This time the silence was an invitation for Drake to respond. He took his time, finishing off his coffee, and making a fuss of placing the cup precisely in the centre of the coaster on the corner of Iris’s desk.
“What is it you think I can do? If the medics can’t get through to her, if the psychos are not making any progress, I don’t see what use I can be. You have to understand, Iris, I’m not really a professional counsellor. The college use me as such, so do you, and I advertise my services, so I do know what I’m doing. Even so, in order for me to counsel someone like Mrs Vaughan, she has to relate to me. She has to speak to me so that I can feed back her observations in a more positive light.”
“I’m aware of all that, but I’d still like you to try. I’ve seen you work… not exactly miracles, but I’ve seen you bring people on before. She needs to move on, Wes, and I’m sure you’re the man who can do it.”
In the brief hiatus which followed the announcement, Drake murmured his gratitude.
Iris was not seeking thanks. “Sam Feyer is an excellent officer – note: Feyer, not Vaughan. She’s most insistent upon that. Part of her reward for her work in exposing these crooks was immediate promotion to chief inspector. No matter how bad she feels, this should not be the end of her career. There’s a vacancy for a DCI in Landshaven, out on the coast. I’d like her to take it, but I have to have a decision from her by the end of March. The present DCI retires mid-April. Right now, no one can get anything but verbal abuse from her; not us, not the medics. I’ve tried and I can’t get a yes or no. You’re the expert on motivation. All I’m asking is that you go out there, talk to her, see if you can bring her out of this depression, find the spark that will fire the ignition.”

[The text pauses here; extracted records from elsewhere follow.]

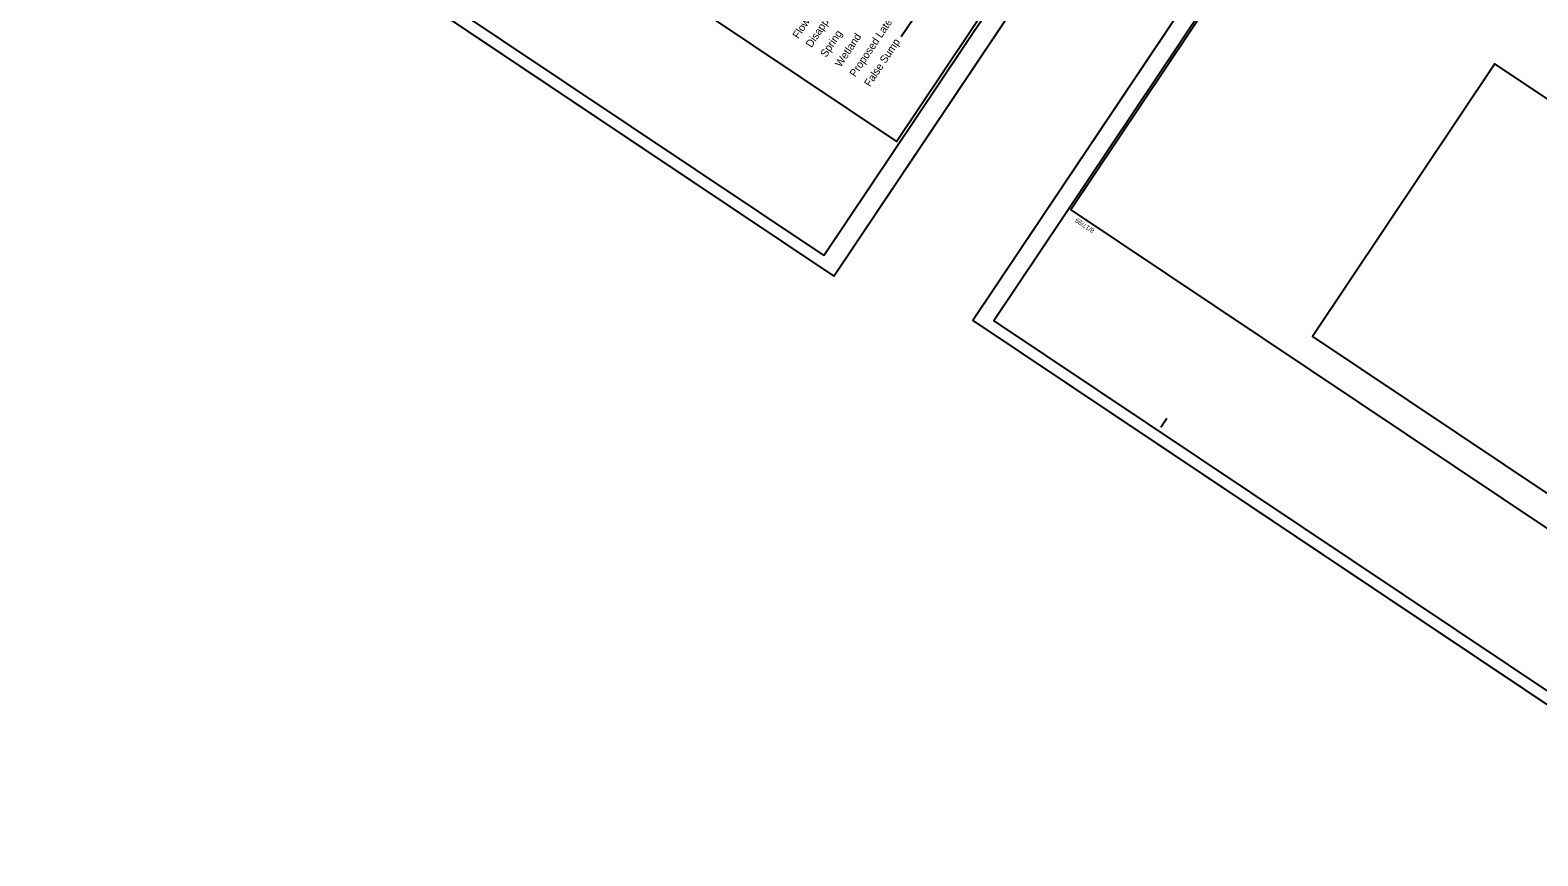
# Model space of a CAD drawing. Extents: x 1715610 to 1720914, y 798298 to 802505.
# Drawn here: x 1717996 to 1719710, y 798298 to 799237 of the extents above; entities that cross this region are included whole.
import ezdxf

# ---------------------------------------------------------------- set-up
doc = ezdxf.new("R2010")
doc.units = 0
for name, color, linetype in [('Default', 7, 'Continuous'), ('Sheet Cutting Line CELL', 7, 'Continuous'), ('Sheet Plan CELL', 7, 'Continuous'), ('Sheet Plot Border Inside CELL', 7, 'Continuous'), ('Sheet Plot Border Outside CELL', 7, 'Continuous'), ('Sheet Symbology CELL', 7, 'Continuous')]:
    doc.layers.add(name, color=color, linetype=linetype)

msp = doc.modelspace()

# ---------------------------------------------------------------- linework, layer by layer
at = {"layer": 'Default'}
msp.add_lwpolyline([(1719835.5, 798633.5), (1720043.1, 798943.6), (1719661.6, 799198.9), (1719454, 798888.8)], close=True, dxfattribs=at)
at = {"layer": 'Sheet Cutting Line CELL'}
for p, q in [((1718909.9, 798957.4), (1719846.5, 800356.9)), ((1720004.3, 800305.9), (1719067.9, 798906.9)), ((1717995.7, 799569.3), (1718909.9, 798957.4)), ((1719067.9, 798906.9), (1719977.9, 798297.8))]:
    msp.add_line(p, q, dxfattribs=at)
at = {"layer": 'Sheet Plan CELL'}
for p, q in [((1719179.2, 799032.7), (1719179.2, 799032.7)), ((1719281.5, 798785.6), (1719288.5, 798795.9))]:
    msp.add_line(p, q, dxfattribs=at)
msp.add_lwpolyline([(1720013.5, 800279.3), (1719179.2, 799032.7), (1720051.8, 798448.7), (1720886.1, 799695.2)], close=True, dxfattribs=at)
at = {"layer": 'Sheet Plot Border Inside CELL'}
for points in [[(1718898.4, 798980.7), (1719825.4, 800365.7), (1718948.6, 800952.5), (1718021.6, 799567.6)], [(1719968.5, 798319.7), (1720895.2, 799704.2), (1720018.4, 800291.1), (1719091.7, 798906.6)]]:
    msp.add_lwpolyline(points, close=True, dxfattribs=at)
at = {"layer": 'Sheet Plot Border Outside CELL'}
for points in [[(1718909.9, 798957.4), (1719846.5, 800356.9), (1718932.4, 800968.7), (1717995.7, 799569.3)], [(1719977.9, 798297.8), (1720914.3, 799696.9), (1720004.3, 800305.9), (1719067.9, 798906.9)]]:
    msp.add_lwpolyline(points, close=True, dxfattribs=at)
at = {"layer": 'Sheet Symbology CELL'}
msp.add_line((1719086.7, 799379.3), (1718986.4, 799229.5), dxfattribs=at)
msp.add_lwpolyline([(1718943.7, 800940.7), (1718109.4, 799694.2), (1718981.1, 799110.7), (1719815.5, 800357.2)], close=True, dxfattribs=at)

# ---------------------------------------------------------------- texts
at = {"layer": 'Sheet Plan CELL'}
msp.add_text('8/17/99', height=5.25, rotation=146.2051, dxfattribs=at).set_placement((1719206.6, 799010.4))
at = {"layer": 'Sheet Symbology CELL'}
for s, p in [('Proposed Lateral, Tail, Head Ditch', (1718934.2, 799183.3)), ('Disappearing Stream', (1718884.3, 799216.7)), ('Flow Arrow', (1718869.3, 799226.8)), ('Spring', (1718900.9, 799205.6)), ('Wetland', (1718917.6, 799194.4)), ('False Sump', (1718950.8, 799172.2))]:
    msp.add_text(s, height=8.75, rotation=56.2051, dxfattribs=at).set_placement(p)

doc.saveas('drawing.dxf')
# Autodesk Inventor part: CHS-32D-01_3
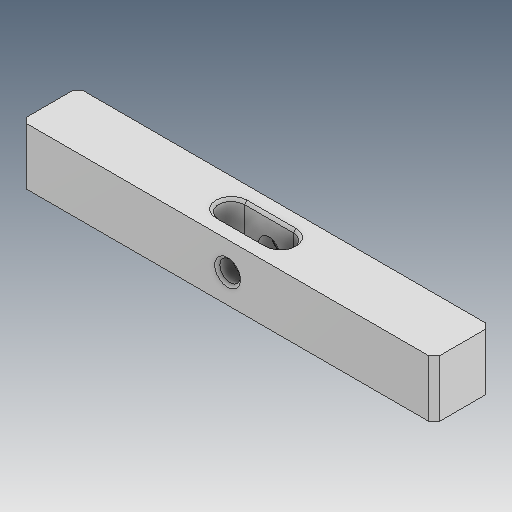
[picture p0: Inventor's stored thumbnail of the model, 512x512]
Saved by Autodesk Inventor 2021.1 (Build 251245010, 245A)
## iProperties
Created: 2021-05
Part Number: CHS-32D-01_3
Material: Ogólny
Document SubType Name: Modeling
Designer: user
Density: 1 g/cm^3
Appearance: Domyślna
Author: user
Revision Number: ÈÎºÎ
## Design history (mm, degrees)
feature "ÊäÈë1"
node "Bryła1"

The challenge intrigued Drake. It wasn’t exactly a novel situation, but taking on a client so deeply withdrawn was something he could not recall encountering before.
Like Iris, he was capable of making quick decisions. “Okay. If I go out there now, on my way home, will they let me speak to her?”
Iris took a pad of post-it notes and began to scribble on the uppermost. “I’ll call them. All you have to do is present your identity when you get there, and they’ll allow you access to her.” She tore off the top note and handed it to him. “That’s the address. Remember, it’s completely confidential. You’ll find the place off the ring road, somewhere in the Seacroft area, I think. Follow the York signs—”
“Thanks, Iris, but I know my way around Leeds, and if I don’t, the satnav will direct me.” He tagged the note to the back of his smartphone, dropped it in his pocket, and stood up. “No guarantees, but I’ll see what I can do.”
Chapter Seven
Iris was wrong. Peace Garden was situated along a lane in the Shadwell area of the city, which was off the ring road between Wetherby Road and Harrogate Road, and a good two miles further west and north than Seacroft.
A large, rambling, Victorian/Edwardian building, owned and operated by the Police Service, it accommodated anything up to two dozen officers of all ranks, some of them suffering from physical injuries, others, like Sam Feyer, psychological damage.
His satnav led him straight to it, and when he turned off the road, between the stone pillars of the main entrance, he found himself confronted with a small parking area, and around him, flowerbeds and lawns, all in their winter doldrums, and the area was liberally dotted with wooden benches. Some of the patients were defying the weather, and sat outside, shivering in the afternoon chill. When he climbed out of the car, he could hear no sound other than the muted conversation of the patients.
He presented his driving licence in reception, and there was a brief delay while the admin clerk checked the list of approved visitors. It made sense. Iris had said Sam’s location was confidential, and some of the patients, Sam included, would have crossed swords with organised crime. It was incumbent upon the staff – and the Police Service in general – to ensure their lives were not put at risk.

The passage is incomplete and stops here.